Fracture Detection With Azimuthal Seismic Amplitude Difference Inversion in Weakly Monoclinic Medium

Abstract

The rock with a vertical group of aligned fractures in the tilted transverse isotropy (TTI) background medium is regarded as an effective monoclinic medium. Thomsen parameters and fracture weaknesses can reflect the development degree of TTI background anisotropy and vertical fractures, respectively. Thus, this paper first establishes the approximate stiffness matrix of the monocline medium through the Bond transformation from Thomsen weak anisotropy theory and effective medium theory.
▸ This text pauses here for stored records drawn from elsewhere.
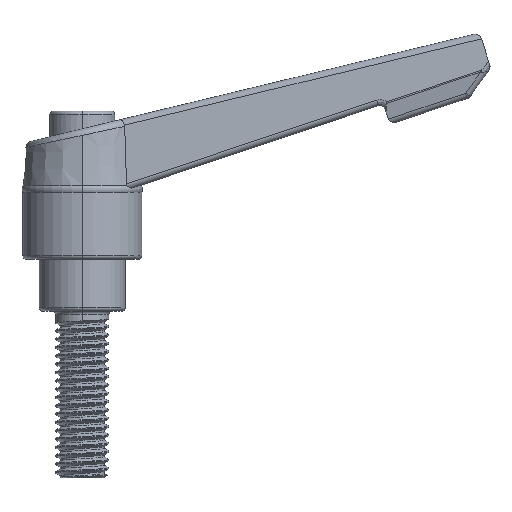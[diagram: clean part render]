
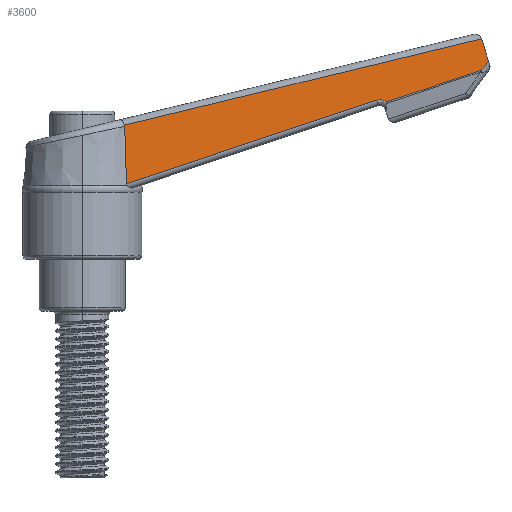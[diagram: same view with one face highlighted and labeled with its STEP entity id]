
A CAD part, top view. The second image highlights one B-rep face of the part: STEP entity #3600.
In plain terms, the highlighted planar face has unit normal (-0.001, 0.071, 0.997).
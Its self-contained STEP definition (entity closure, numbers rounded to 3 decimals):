
#92 = ORIENTED_EDGE ( 'NONE', *, *, #6240, .T. ) ;
#118 = ORIENTED_EDGE ( 'NONE', *, *, #6187, .F. ) ;
#227 = VECTOR ( 'NONE', #1902, 1000. ) ;
#360 = ORIENTED_EDGE ( 'NONE', *, *, #3541, .T. ) ;
#389 = LINE ( 'NONE', #5282, #6404 ) ;
#643 = CARTESIAN_POINT ( 'NONE',  ( 6.633, 19.103, 5.85 ) ) ;
#733 = DIRECTION ( 'NONE',  ( -0.001, 0.071, 0.997 ) ) ;
#735 = VERTEX_POINT ( 'NONE', #3763 ) ;
#817 = VERTEX_POINT ( 'NONE', #7094 ) ;
#1019 = VERTEX_POINT ( 'NONE', #643 ) ;
#1058 = CARTESIAN_POINT ( 'NONE',  ( 59.91, 40.864, 4.364 ) ) ;
#1233 = CARTESIAN_POINT ( 'NONE',  ( 6.456, 24.912, 5.433 ) ) ;
#1272 = CARTESIAN_POINT ( 'NONE',  ( 6.34, 27.91, 5.218 ) ) ;
#1292 = LINE ( 'NONE', #6046, #227 ) ;
#1310 = CARTESIAN_POINT ( 'NONE',  ( 6.633, 19.103, 5.85 ) ) ;
#1390 = CARTESIAN_POINT ( 'NONE',  ( 60.013, 36.199, 4.698 ) ) ;
#1447 = B_SPLINE_CURVE_WITH_KNOTS ( 'NONE', 3,
 ( #1272, #1757, #7889, #4856 ),
 .UNSPECIFIED., .F., .F.,
 ( 4, 4 ),
 ( 0., 0. ),
 .UNSPECIFIED. ) ;
#1506 = AXIS2_PLACEMENT_3D ( 'NONE', #7486, #733, #3212 ) ;
#1562 = VERTEX_POINT ( 'NONE', #6609 ) ;
#1757 = CARTESIAN_POINT ( 'NONE',  ( 6.356, 27.85, 5.223 ) ) ;
#1762 = VECTOR ( 'NONE', #6384, 1000. ) ;
#1902 = DIRECTION ( 'NONE',  ( 0.948, 0.318, -0.021 ) ) ;
#1904 = VERTEX_POINT ( 'NONE', #1058 ) ;
#1951 = CARTESIAN_POINT ( 'NONE',  ( 59.776, 36.12, 4.704 ) ) ;
#2030 = LINE ( 'NONE', #6956, #1762 ) ;
#2441 = VERTEX_POINT ( 'NONE', #4992 ) ;
#2639 = VERTEX_POINT ( 'NONE', #7614 ) ;
#2669 =( BOUNDED_CURVE ( )  B_SPLINE_CURVE ( 3, ( #1951, #1390, #6879, #6392 ),
 .UNSPECIFIED., .F., .F. ) 
 B_SPLINE_CURVE_WITH_KNOTS ( ( 4, 4 ),
 ( 3.366, 5.246 ),
 .UNSPECIFIED. ) 
 CURVE ( )  GEOMETRIC_REPRESENTATION_ITEM ( )  RATIONAL_B_SPLINE_CURVE ( ( 1., 0.726, 0.726, 1. ) ) 
 REPRESENTATION_ITEM ( '' )  );
#2810 = CARTESIAN_POINT ( 'NONE',  ( 45.675, 31.396, 5.023 ) ) ;
#2858 = DIRECTION ( 'NONE',  ( -0.972, -0.235, 0.015 ) ) ;
#3167 = FACE_OUTER_BOUND ( 'NONE', #6265, .T. ) ;
#3212 = DIRECTION ( 'NONE',  ( 0., -0.997, 0.071 ) ) ;
#3417 = EDGE_CURVE ( 'NONE', #1904, #1562, #389, .T. ) ;
#3541 = EDGE_CURVE ( 'NONE', #1019, #735, #1292, .T. ) ;
#3600 = ADVANCED_FACE ( 'NONE', ( #3167 ), #5034, .T. ) ;
#3666 = EDGE_CURVE ( 'NONE', #2639, #1904, #2030, .T. ) ;
#3763 = CARTESIAN_POINT ( 'NONE',  ( 44.157, 31.672, 5.001 ) ) ;
#3800 = CARTESIAN_POINT ( 'NONE',  ( 6.367, 27.728, 5.231 ) ) ;
#4370 = CARTESIAN_POINT ( 'NONE',  ( 6.545, 22.037, 5.639 ) ) ;
#4373 = VECTOR ( 'NONE', #7943, 1000. ) ;
#4379 = CARTESIAN_POINT ( 'NONE',  ( 59.919, 36.168, 4.7 ) ) ;
#4412 = EDGE_CURVE ( 'NONE', #817, #2441, #4983, .T. ) ;
#4694 =( BOUNDED_CURVE ( )  B_SPLINE_CURVE ( 3, ( #6557, #7050, #6516, #2810 ),
 .UNSPECIFIED., .F., .F. ) 
 B_SPLINE_CURVE_WITH_KNOTS ( ( 4, 4 ),
 ( 2.838, 3.844 ),
 .UNSPECIFIED. ) 
 CURVE ( )  GEOMETRIC_REPRESENTATION_ITEM ( )  RATIONAL_B_SPLINE_CURVE ( ( 1., 0.917, 0.917, 1. ) ) 
 REPRESENTATION_ITEM ( '' )  );
#4760 = ORIENTED_EDGE ( 'NONE', *, *, #4412, .T. ) ;
#4765 = VERTEX_POINT ( 'NONE', #6252 ) ;
#4856 = CARTESIAN_POINT ( 'NONE',  ( 6.367, 27.728, 5.231 ) ) ;
#4983 = LINE ( 'NONE', #4379, #4373 ) ;
#4992 = CARTESIAN_POINT ( 'NONE',  ( 59.776, 36.12, 4.704 ) ) ;
#5019 = EDGE_CURVE ( 'NONE', #735, #817, #4694, .T. ) ;
#5034 = PLANE ( 'NONE',  #1506 ) ;
#5282 = CARTESIAN_POINT ( 'NONE',  ( 6.551, 27.961, 5.215 ) ) ;
#6039 = ORIENTED_EDGE ( 'NONE', *, *, #6760, .T. ) ;
#6046 = CARTESIAN_POINT ( 'NONE',  ( 44.899, 31.921, 4.984 ) ) ;
#6187 = EDGE_CURVE ( 'NONE', #1019, #4765, #7413, .T. ) ;
#6240 = EDGE_CURVE ( 'NONE', #1562, #4765, #1447, .T. ) ;
#6252 = CARTESIAN_POINT ( 'NONE',  ( 6.367, 27.728, 5.231 ) ) ;
#6265 = EDGE_LOOP ( 'NONE', ( #7992, #6368, #92, #118, #360, #6638, #4760, #6039 ) ) ;
#6368 = ORIENTED_EDGE ( 'NONE', *, *, #3417, .T. ) ;
#6384 = DIRECTION ( 'NONE',  ( -0.302, 0.951, -0.069 ) ) ;
#6392 = CARTESIAN_POINT ( 'NONE',  ( 60.968, 37.528, 4.604 ) ) ;
#6404 = VECTOR ( 'NONE', #2858, 1000. ) ;
#6516 = CARTESIAN_POINT ( 'NONE',  ( 45.241, 31.75, 4.997 ) ) ;
#6557 = CARTESIAN_POINT ( 'NONE',  ( 44.157, 31.672, 5.001 ) ) ;
#6609 = CARTESIAN_POINT ( 'NONE',  ( 6.34, 27.91, 5.218 ) ) ;
#6638 = ORIENTED_EDGE ( 'NONE', *, *, #5019, .T. ) ;
#6760 = EDGE_CURVE ( 'NONE', #2441, #2639, #2669, .T. ) ;
#6879 = CARTESIAN_POINT ( 'NONE',  ( 60.561, 36.845, 4.653 ) ) ;
#6956 = CARTESIAN_POINT ( 'NONE',  ( 59.628, 41.753, 4.3 ) ) ;
#7050 = CARTESIAN_POINT ( 'NONE',  ( 44.689, 31.851, 4.989 ) ) ;
#7094 = CARTESIAN_POINT ( 'NONE',  ( 45.675, 31.396, 5.023 ) ) ;
#7413 =( BOUNDED_CURVE ( )  B_SPLINE_CURVE ( 3, ( #1310, #4370, #1233, #3800 ),
 .UNSPECIFIED., .F., .F. ) 
 B_SPLINE_CURVE_WITH_KNOTS ( ( 4, 4 ),
 ( 2.667, 2.688 ),
 .UNSPECIFIED. ) 
 CURVE ( )  GEOMETRIC_REPRESENTATION_ITEM ( )  RATIONAL_B_SPLINE_CURVE ( ( 1., 1., 1., 1. ) ) 
 REPRESENTATION_ITEM ( '' )  );
#7486 = CARTESIAN_POINT ( 'NONE',  ( 59.628, 41.753, 4.3 ) ) ;
#7614 = CARTESIAN_POINT ( 'NONE',  ( 60.968, 37.528, 4.604 ) ) ;
#7889 = CARTESIAN_POINT ( 'NONE',  ( 6.365, 27.79, 5.227 ) ) ;
#7943 = DIRECTION ( 'NONE',  ( 0.948, 0.318, -0.021 ) ) ;
#7992 = ORIENTED_EDGE ( 'NONE', *, *, #3666, .T. ) ;

Moreover, considering the Born scattering theory, a linearized approximate formula of PP wave reflection coefficient is further deduced. This approximate formula contains the parameters of incident angle, azimuth, tilted angle, compressional and shear moduli, density, fracture weaknesses, and Thomsen parameters. Then, the contribution of each parameter on the reflection coefficient by numerical simulation is analyzed respectively. Finally, from the perspective of Bayesian inference, an azimuthal seismic amplitude difference inversion approach incorporating Cauchy prior information and low-frequency regularization of model parameters is proposed to realize the simultaneous estimation of fracture weaknesses and Thomsen parameters. The synthetic test demonstrates that the inversion approach proposed in this article can obtain information on vertical fractures and TTI background medium and can be applied to azimuthal seismic data with moderate noise well. Furthermore, the inversion results of the synthetic test and field data illustrate the stability and feasibility of the inversion approach and also confirm the fracture weaknesses and Thomsen parameters of the monoclinic medium can be reasonably estimated by the inversion equation derived in this paper.